WHAT IS NEEDED:
Retype exactly the span of lines below from the one with "Bounding box: 331 x 100.77 x 234 mm (x, y, z)" through the one with "from ifc_helpers import". Do not include pictures.

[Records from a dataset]

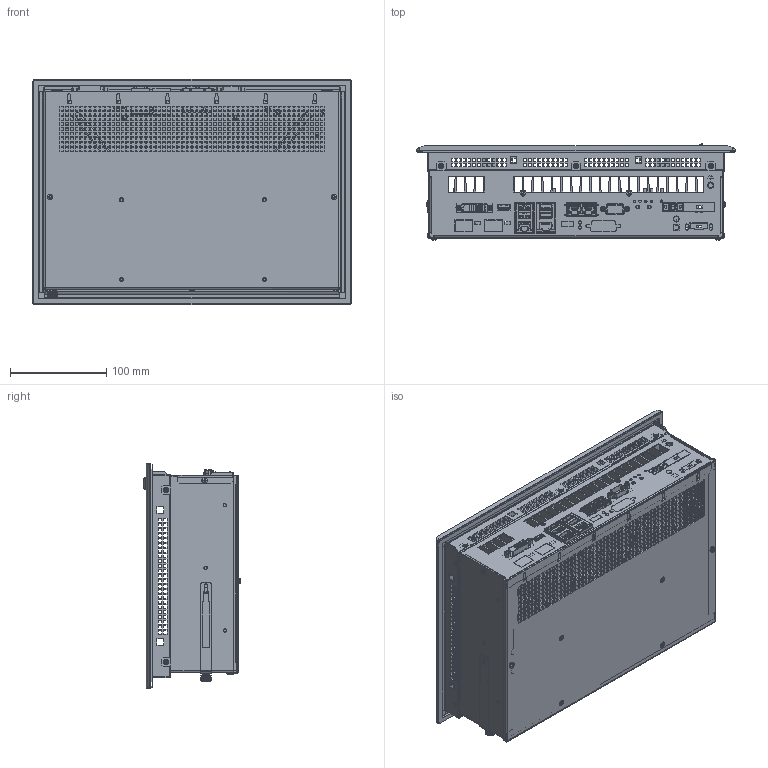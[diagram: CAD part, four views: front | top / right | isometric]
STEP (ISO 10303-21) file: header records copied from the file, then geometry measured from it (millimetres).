
FILE_DESCRIPTION((''),'2;1');
FILE_NAME('C6P34-Panel_121W_RES_S0_ASM','2019-01-31T',('rafrev'),(''),'PRO/ENGINEER BY PARAMETRIC TECHNOLOGY CORPORATION, 2013410','PRO/ENGINEER BY PARAMETRIC TECHNOLOGY CORPORATION, 2013410','');
FILE_SCHEMA(('AUTOMOTIVE_DESIGN { 1 0 10303 214 1 1 1 1 }'));
Products named in the file (1): C6P34-Panel_121W_RES_S0_ASM
Bounding box: 331 x 100.77 x 234 mm (x, y, z)
Surface area: 940968.5 mm2 (no closed solid volume)
Topology: 0 solids, 432 shells, 6098 faces, 23815 edges, 17949 vertices
Faces by surface type: plane 5313, cylinder 543, cone 187, torus 31, bspline 15, sphere 6, extrusion 3
Entity records: 291591 total; most frequent: CARTESIAN_POINT 59087, ORIENTED_EDGE 38978, DIRECTION 37415, EDGE_CURVE 23803, VECTOR 19773, LINE 19770, VERTEX_POINT 17949, AXIS2_PLACEMENT_3D 8821
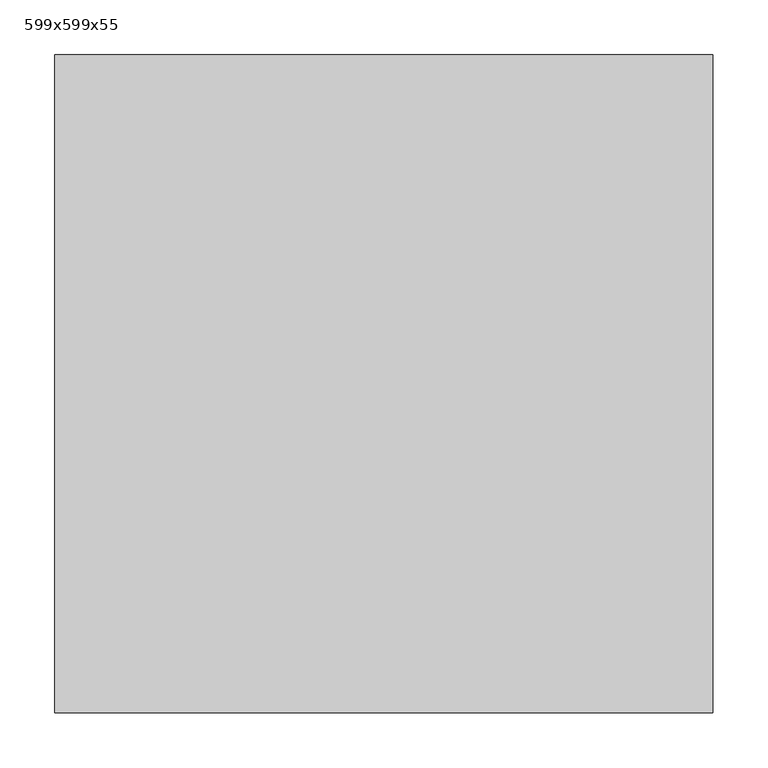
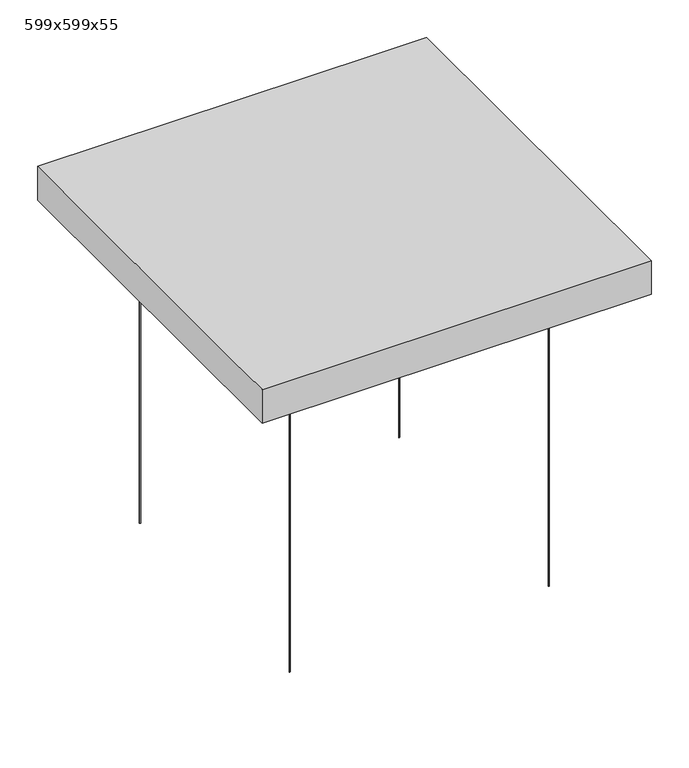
"""IFC4 building model written with IfcOpenShell, lengths in millimetres: proxy geometry, Texaa Panneaux_acoustiques Stereo suspendus_séparés : 599x599x55."""

from ifc_helpers import new_model, si_unit, point, frame, frame_2d, origin, origin_with_axes, place, context, project, spatial, polyline, circle_curve, trimmed, segment, composite_curve, outline, extrude, faceted_brep, source, transform, mapped, element, save


def proxy_599x599x55_c3c3b2f4(model_context):
    return source(origin(), model_context, "Body", "SolidModel", [
        extrude(outline(composite_curve([segment(trimmed(circle_curve(frame_2d((-199.5, -199.5)), 0.75), [point((-200.25, -199.5))], [point((-198.75, -199.5))], False, "CARTESIAN"), True, "CONTINUOUS"), segment(trimmed(circle_curve(frame_2d((-199.5, -199.5)), 0.75), [point((-198.75, -199.5))], [point((-200.25, -199.5))], False, "CARTESIAN"), True, "CONTINUOUS")], self_intersect=False)), origin_with_axes(), (0.0, 0.0, 1.0), 500.0),
        extrude(outline(composite_curve([segment(trimmed(circle_curve(frame_2d((199.5, -199.5)), 0.75), [point((198.75, -199.5))], [point((200.25, -199.5))], False, "CARTESIAN"), True, "CONTINUOUS"), segment(trimmed(circle_curve(frame_2d((199.5, -199.5)), 0.75), [point((200.25, -199.5))], [point((198.75, -199.5))], False, "CARTESIAN"), True, "CONTINUOUS")], self_intersect=False)), origin_with_axes(), (0.0, 0.0, 1.0), 500.0),
        extrude(outline(composite_curve([segment(trimmed(circle_curve(frame_2d((199.5, 199.5)), 0.75), [point((198.75, 199.5))], [point((200.25, 199.5))], False, "CARTESIAN"), True, "CONTINUOUS"), segment(trimmed(circle_curve(frame_2d((199.5, 199.5)), 0.75), [point((200.25, 199.5))], [point((198.75, 199.5))], False, "CARTESIAN"), True, "CONTINUOUS")], self_intersect=False)), origin_with_axes(), (0.0, 0.0, 1.0), 500.0),
        extrude(outline(composite_curve([segment(trimmed(circle_curve(frame_2d((-199.5, 199.5)), 0.75), [point((-200.25, 199.5))], [point((-198.75, 199.5))], False, "CARTESIAN"), True, "CONTINUOUS"), segment(trimmed(circle_curve(frame_2d((-199.5, 199.5)), 0.75), [point((-198.75, 199.5))], [point((-200.25, 199.5))], False, "CARTESIAN"), True, "CONTINUOUS")], self_intersect=False)), origin_with_axes(), (0.0, 0.0, 1.0), 500.0),
        extrude(outline(polyline([(-298.5, -298.5), (-298.5, 298.5), (298.5, 298.5), (298.5, -298.5), (-298.5, -298.5)])), frame((0.0, 0.0, 501.0), z_axis=(0.0, 0.0, 1.0), x_axis=(1.0, 0.0, 0.0)), (0.0, 0.0, 1.0), 53.0),
        faceted_brep([(299.5, 299.5, 555.0), (298.0857864, 299.5, 555.0), (221.7182541, 299.5, 555.0), (-299.5, 299.5, 555.0), (-299.5, -221.7182541, 555.0), (-299.5, -298.0857864, 555.0), (-299.5, -299.5, 555.0), (299.5, -299.5, 555.0), (-299.5, -299.5, 500.0), (-299.5, 299.5, 500.0), (299.5, 299.5, 500.0), (299.5, -299.5, 500.0), (-249.5, 249.5, 500.0), (-249.5, -249.5, 500.0), (249.5, -249.5, 500.0), (249.5, 249.5, 500.0), (-299.5, -299.5, 554.0), (299.5, 299.5, 554.0), (249.5, 249.5, 501.0), (-249.5, 249.5, 501.0), (249.5, -249.5, 501.0), (-249.5, -249.5, 501.0), (-298.5, -298.5, 554.0), (-298.5, -297.0857864, 554.0), (-298.5, -220.7182541, 554.0), (-298.5, 298.5, 554.0), (220.7182541, 298.5, 554.0), (297.0857864, 298.5, 554.0), (298.5, 298.5, 554.0), (298.5, -298.5, 554.0), (-298.5, -298.5, 501.0), (298.5, -298.5, 501.0), (298.5, 298.5, 501.0), (-298.5, 298.5, 501.0)], [[[0, 1, 2, 3, 4, 5, 6, 7]], [[8, 9, 10, 11], [12, 13, 14, 15]], [[8, 16, 6, 5, 4, 3, 9]], [[9, 3, 2, 1, 0, 17, 10]], [[7, 11, 10, 17, 0]], [[6, 16, 8, 11, 7]], [[12, 15, 18, 19]], [[15, 14, 20, 18]], [[14, 13, 21, 20]], [[19, 21, 13, 12]], [[22, 23, 24, 25, 26, 27, 28, 29]], [[30, 31, 32, 33], [18, 20, 21, 19]], [[33, 25, 24, 23, 22, 30]], [[32, 28, 27, 26, 25, 33]], [[28, 32, 31, 29]], [[29, 31, 30, 22]]]),
    ])


if __name__ == "__main__":
    model = new_model("IFC4")
    model_context = context("Model", 3, world=origin())
    ifc_project = project(units=[si_unit("LENGTHUNIT", "METRE", prefix="MILLI")], contexts=[model_context])
    site = spatial("IfcSite", under=ifc_project)
    building = spatial("IfcBuilding", under=site)
    placement = place(None, origin())
    proxy_599x599x55_shape = proxy_599x599x55_c3c3b2f4(model_context)
    element("IfcBuildingElementProxy", 1, Name="Texaa Panneaux_acoustiques Stereo suspendus_séparés : 599x599x55", ObjectType="Texaa Panneaux_acoustiques Stereo suspendus_séparés : 599x599x55", at=placement, inside=building, context=model_context, shape_type="MappedRepresentation", body=[
        mapped(proxy_599x599x55_shape, transform((0.0, 0.0, 0.0), x_axis=(1.0, 0.0, 0.0), y_axis=(0.0, 1.0, 0.0), z_axis=(0.0, 0.0, 1.0))),
    ])
    save(model, "model.ifc")

TASK RESULT:
Bounding box: 331 x 100.77 x 234 mm (x, y, z)
Surface area: 940968.5 mm2 (no closed solid volume)
Topology: 0 solids, 432 shells, 6098 faces, 23815 edges, 17949 vertices
Faces by surface type: plane 5313, cylinder 543, cone 187, torus 31, bspline 15, sphere 6, extrusion 3
Entity records: 291591 total; most frequent: CARTESIAN_POINT 59087, ORIENTED_EDGE 38978, DIRECTION 37415, EDGE_CURVE 23803, VECTOR 19773, LINE 19770, VERTEX_POINT 17949, AXIS2_PLACEMENT_3D 8821
"""IFC4 building model written with IfcOpenShell, lengths in millimetres: proxy geometry, Texaa Panneaux_acoustiques Stereo suspendus_séparés : 599x599x55."""

from ifc_helpers import new_model, si_unit, point, frame, frame_2d, origin, origin_with_axes, place, context, project, spatial, polyline, circle_curve, trimmed, segment, composite_curve, outline, extrude, faceted_brep, source, transform, mapped, element, save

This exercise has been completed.